Hizashi accompagna sa réponse d'un hochement satisfait du menton.

- Et Kaito ?

- Le Jeune maître Kaito passe tout son temps libre dans le dojo, à s'entrainer au maniement du katana. Il semble prendre son apprentissage très à cœur.

- Très bien. Veille à ce qu'aucun d'entre eux ne quitte l'enceinte de la maison principale.

- À vos ordres.

Hizashi marqua une pause. Ses iris ténébreuses glissèrent en direction de son père et accrochèrent son seul œil valide. Shigeru l'épiait sans mots dire, les bras croisés, depuis le chevet du prisonnier décédé.

Le second chef du clan serra les dents. Le message que son père lui avait fait passer la dernière fois était clair : « Il serait temps que tu ressers la vis. »

Hizashi ne s'en priverait pas cette fois. Lui qui avait toujours tout fait pour se montrer clément envers les erreurs de ses subordonnés, il ne pouvait reproduire ce schéma dans le cas présent. La tournure qu'avait pris les événements était devenue trop extrême pour qu'il puisse pardonner aussi facilement.

Dans ce cas…

- Une dernière chose, Toshiro, reprit-il, avec fermeté.

- Chef ? fit l'interpellé, sur le ton d'une question.

- Je veux qu'un message soit également transmis à mes fils.
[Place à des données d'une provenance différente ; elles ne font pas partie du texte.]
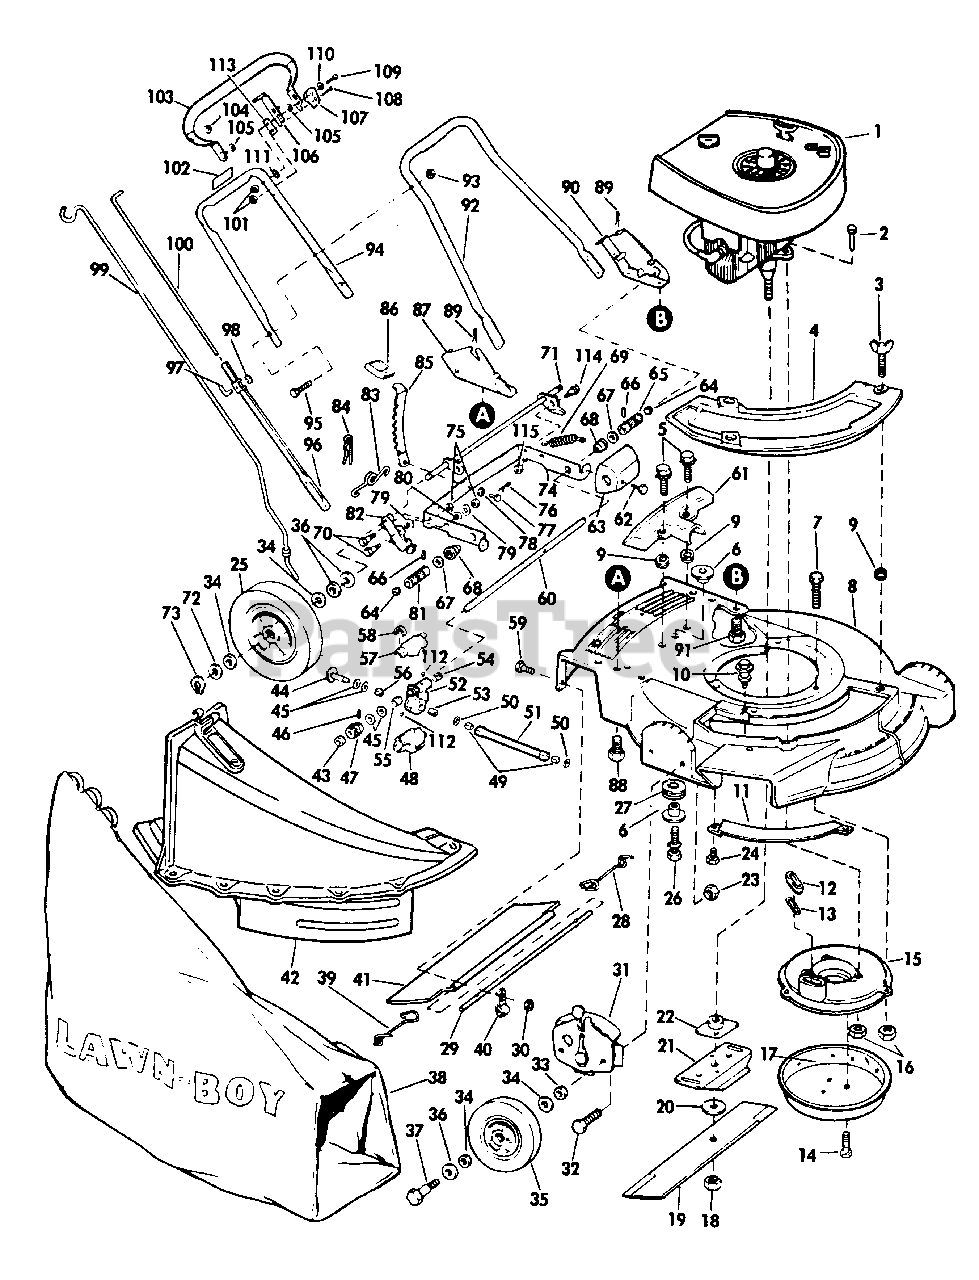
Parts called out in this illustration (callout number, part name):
2	Screw-Crankcase to Muffler Plate
3	Wing Screw
4	Cover Plate
5	Sems Screw-Drive Cover Mounting
6	Spacer-Flanged
7	Screw-Muffler Plate to Housing
8	Housing-21"
9	Grommet
10	Screw
11	Toe Bar
12	Sleeve-Muffler Gasket
13	Gasket-Exhaust
14	Screw-Muffler to Muffler Plate
15	Muffler Plate
16	Nut
17	Muffler Cover
18	Nut-Blade
19	Blade
20	Washer-Blade
21	Stiffener-Blade
22	Collar & Plate Assembly
23	Nut
24	Screw
25	Wheel-Rear
26	Sems Screw
27	Grommet
28	Spring-L.H.
29	Rod
30	Nut
31	Height Adjustment Assembly
32	Screw
33	Washer
34	Washer-Felt
35	Front Wheel
36	Washer (See Note #1)
37	Screw
38	Grass Bag
39	Spring-R.H.
40	Clamp
41	Shield Trailing
42	Chute Assembly
43	Washer-Felt
44	Gear-Driver
45	Washer-Thrust
46	Roll Pin
47	Gear-Drive
48	Cover-Gear Bottom
49	Bushing
50	"O" Ring
51	Tube
52	Bracket & Bearing Assembly
53	Needle Bearing-Sealed
54	Needle Bearing-Sealed
55	Needle Bearing
56	Needle Bearing
57	Cover-Gear Top
58	Clamp
59	Screw
60	Shaft
61	Cover-Drive
62	Screw
63	Guard-Roller
64	Plug
65	Drive Roller-L.H.
66	Pin-Spirol
67	Washer
68	Sleeve & Bearing Assembly
69	Spring
70	Bolt-Shoulder
71	Axle Assembly
72	Washer
73	Retaining Ring
74	Bracket
75	Nut
76	Cotter Pin
77	Pin
78	Washer
79	Washer
80	Washer
81	Drive Roller-R.H.
82	Clutch
83	Spring
84	Hairpin
85	Lever
86	Knob
87	Bracket-Handle-R.H.
88	Screw-Handle Bracket
89	Clip
90	Bracket-Handle-L.H.
91	Screw-Handle Bracket
92	Handle-Lower
93	Nut
94	Handle-Center
95	Screw
96	Control Lever Assembly
97	Screw
98	Nut
99	Rod-Grass Bag
100	Control Rod
101	Nut
102	Decal
103	Handle & Grip Assembly
104	Palnut
105	Washer
106	Lever-Lockout
107	Guard
108	Screw-Stop
109	Bolt-Shoulder
110	Bow Washer
111	Washer
112	Fitting-Grease
113	Stop-Handle
114	Bolt-Shoulder
115	Nut-Lock
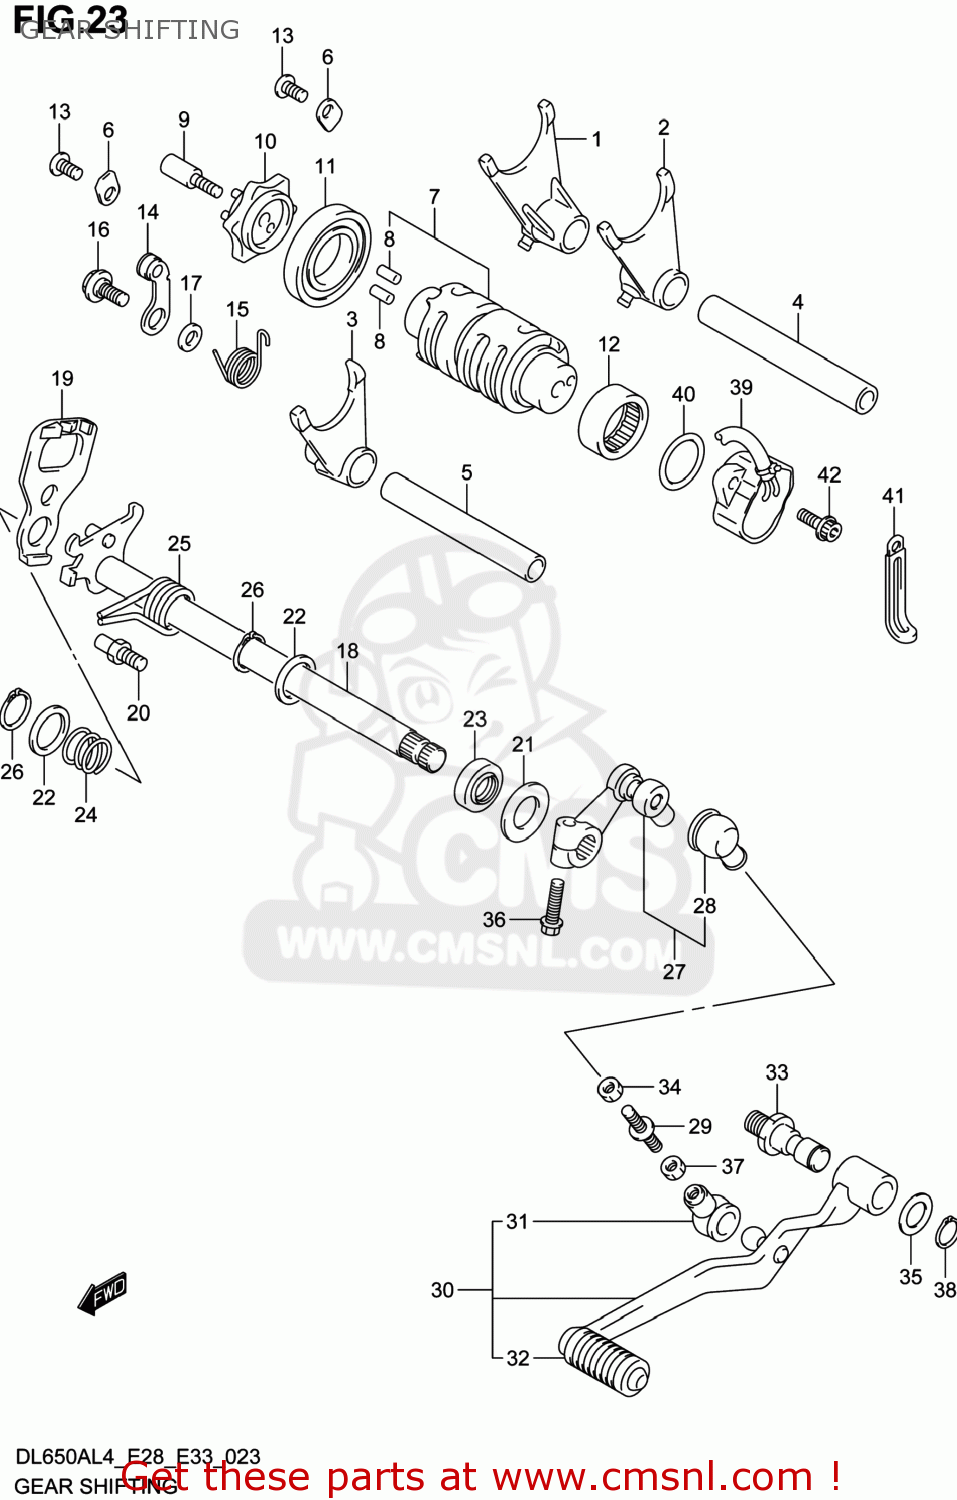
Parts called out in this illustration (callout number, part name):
1	FORK,GEAR SHIFT NO.1
2	FORK,GEAR SHIFT NO.2
3	FORK,GEAR SHIFT NO.3
4	SHAFT,GEAR SHIFT FORK
5	SHAFT,GEAR SHIFT FORK NO.1
6	RETAINER
7	CAM,GEAR SHIFT
8	PIN
9	BOLT,GEAR SHIFT CAM PLATE
10	PLATE,GEAR SHIFT CAM
11	BEARING(25X47X8)
12	BEARING(25X32X12)
13	SCREW
14	STOPPER,SHIFT CAM
15	SPRING,SHIFT
16	BOLT(6X14.3)
17	WASHER
18	SHAFT,GEAR SHIFT
19	PLATE,GEAR SHIFT CAM DRIVE
20	STOPPER,GEAR SHIFT ARM
21	WASHER(14X29X0.8)
22	SHIM(14X22X1)
23	SEAL,OIL(14X22X7.3)
24	SPRING
25	SPRING
26	CIRCLIP
27	ARM,GEAR SHIFT LINK
28	COVER,DUST
29	ROD,GEAR SHIFT LINK
30	LEVER ASSY,GEAR SHIFT
31	COVER,DUST
32	RUBBER,GEAR SHIFT PEDAL
33	SHAFT,GEAR SHIFT LEVER
34	NUT
35	WASHER(12.5X20X1)
36	BOLT
37	NUT
38	CIRCLIP
39	SENSOR ASSY,GEAR POSITION
40	O RING(D:2.4,ID:26.2)
41	CLAMP(L:80)
42	BOLT(5X16)
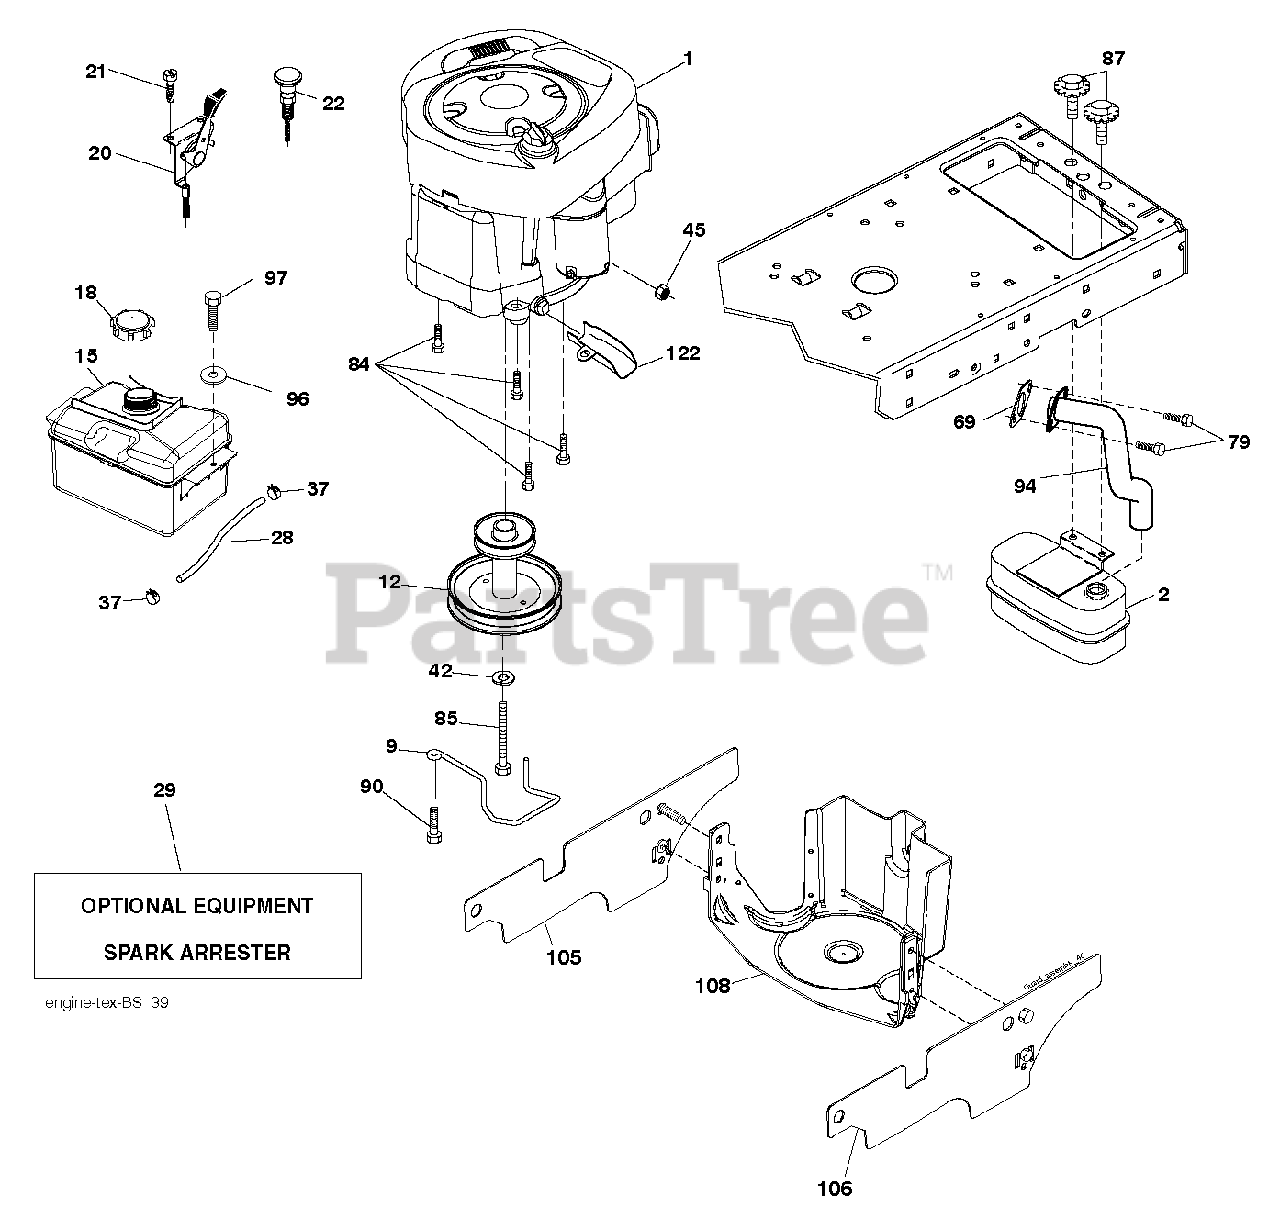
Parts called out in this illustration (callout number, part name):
2	MUFFLER.SINGLE.CYL.KOHL/B&S
9	KEEPER.BELT.ENGINE.4.2
12	PULLY ENGINE
15	TANK FUEL FRT 1.5 GAL
18	CAP ASM.FUEL.2.25"FR.
20	CONTROL.TH/CK.C.
21	SCREW.#10 X 0.750.BOS THREAD
28	LINE.FUEL.20
29	ARRESTER SPARK (OPTIONAL)
37	HOSE CLAMP
42	LOCKWASHER
45	NUT
69	REPL BY 532 27 22-93
79	SCREW.SOCKET HD.5/16-1
84	SCREW.3/8-16
85	BOLT HEX 7/16-20X4-1/4"
87	BOLT, 5/16-18 X 1 3/4
90	SCREW 3/8-16X1
94	EXHAUST.TUBE.B&S.
97	SCREW HEXWSHR 1/4-20X3/4
122	EXTENSION DRAIN OIL

Ils sont tous deux conviés pour une réunion d'urgence.

Hizashi se tourna ensuite vers le reste des personnes présentes dans la pièce, qui avaient toutes suivi l'échange dans le silence le plus complet, et, d'une voix portante qui témoignait qu'il n'accepterait aucun refus de leur part, il annonça :

- Cette réunion concerne tout le monde. Elle se déroulera dans la grande salle demain. Je veux que tous les subordonnés de la maison principale y participent sans aucune exception. L'heure prévue vous sera communiquée sur le tas.

Genji et Tetsu s'inclinèrent d'un même mouvement.

Hizashi ne communiquerait l'heure de la réunion que seulement quelques minutes avant que celle-ci ne commence. En faisant cela, le chef du clan espérait mettre en déroute ses subordonnés, afin de voir lequel, parmi eux, serait le plus troublé par cette annonce.

Hizashi n'espérait pas en tirer quelque chose, en vérité, pas dans l'immédiat en tout cas, mais il serait intéressant pour lui d'épier les faits et gestes de tous ceux qui seraient présents le moment venu. Le moindre malaise, le moindre changement dans leur expression, lui suffirait à restreindre la liste des possibilités sur son ardoise.

- De plus, ajouta-t-il. Ne laissez personne sortir ni entrer dans la maisonnée sans qu'il ne soit accompagné d'au moins deux autres personnes. Traquez les faits et gestes de ceux qui ont franchi la double porte d'entrée cette dernière semaine. Recherchez dans les moindres recoins cette souris. Qu'elle ne nous échappe pas.

Tandis que Genji, Tetsu et Toshiro approuvaient l'ordre en chœur, Hizashi put distinguer, malgré la pénombre de la cellule, un rictus se croquer sous la barbe drue de son père.

Hizashi ferma les poings. Son père avait raison. La discipline était de mise. Il pousserait cet invité indésirable à se trahir de lui-même.

Il était temps de faire danser jusqu'à l'épuisement cette souris fouineuse sur les braises incandescentes de la demeure du Dragon.